No entanto, a versão dos afetados dista bastante da que conta a entidade bancária. "A mim não me fizeram o teste. Consta como feito, porque pedi todos os papéis para fazer a ação judicial e o vi, mas a mim não mo fizeram. Eu sou uma ignorante em temas financeiros e o único que pedi antes de assinar foi que pudesse retirar o dinheiro quando o precisasse. E disseram-me: sim, sim, não há nenhum problema", relata S. B. "No meu caso, não realizei nenhum teste de conveniência", concorda Soria. "Se os afetados podem demonstrar que assinaram a aquisição deste produto sem ser informados do risco que tinha, a justiça dar-lhes-á a razão", aponta o perito em consumo e economia, Emili Vizuete.
Um banco ético?
"Criei a conta para sair do turbilhão do que os bancos roubam. Pensava que o Triodos Bank era um banco ético…", aponta Soria. "Eu le ovantei meu dinheiro do Bankia , pelo que ocorreu, sabes? E puu-lo no Triodos porque, supostamente, era ético. O que mais me irritou é que a pessoa que me atendeu no Triodos em estado a dar-me a volta e a dizer-me que o dinheiro estava a render, que era melhor não o tirar", lamenta S. B.

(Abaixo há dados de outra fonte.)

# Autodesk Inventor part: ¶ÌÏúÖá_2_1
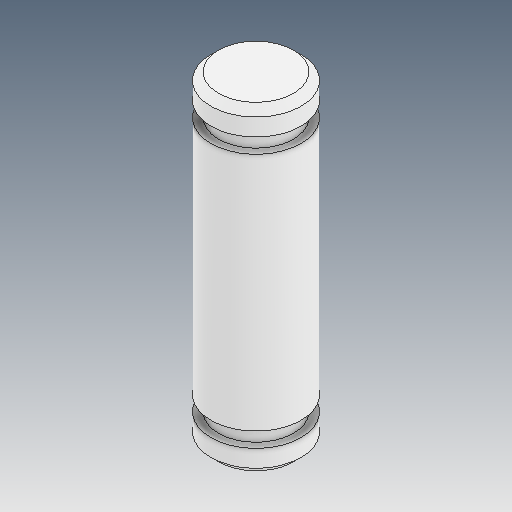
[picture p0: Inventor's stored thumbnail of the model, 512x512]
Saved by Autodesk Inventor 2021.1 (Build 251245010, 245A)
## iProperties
Created: 2021-05
Part Number: ¶ÌÏúÖá_2_1
Material: Ogólny
Document SubType Name: Modeling
Designer: user
Density: 1 g/cm^3
Appearance: Domyślna
Author: user
Revision Number: ÈÎºÎ
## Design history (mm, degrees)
feature "ÊäÈë1"
node "Bryła1"

"Suponho que nalgum ponto do contrato expunham que podiam atuar assim numa situação determinada. O problema é que as pessoas não lêm os contratos que assinam. Mas, no final, o importante é que o funcionamento deste produto era igual ao das preferenciais, e com as preferenciais a justiça falhou a favor dos afetados, que recuperaram o seu investimento inicial", sentencia Maestre, que considera que o conceito de banca e ética "quase nunca têm ido a mão a mão".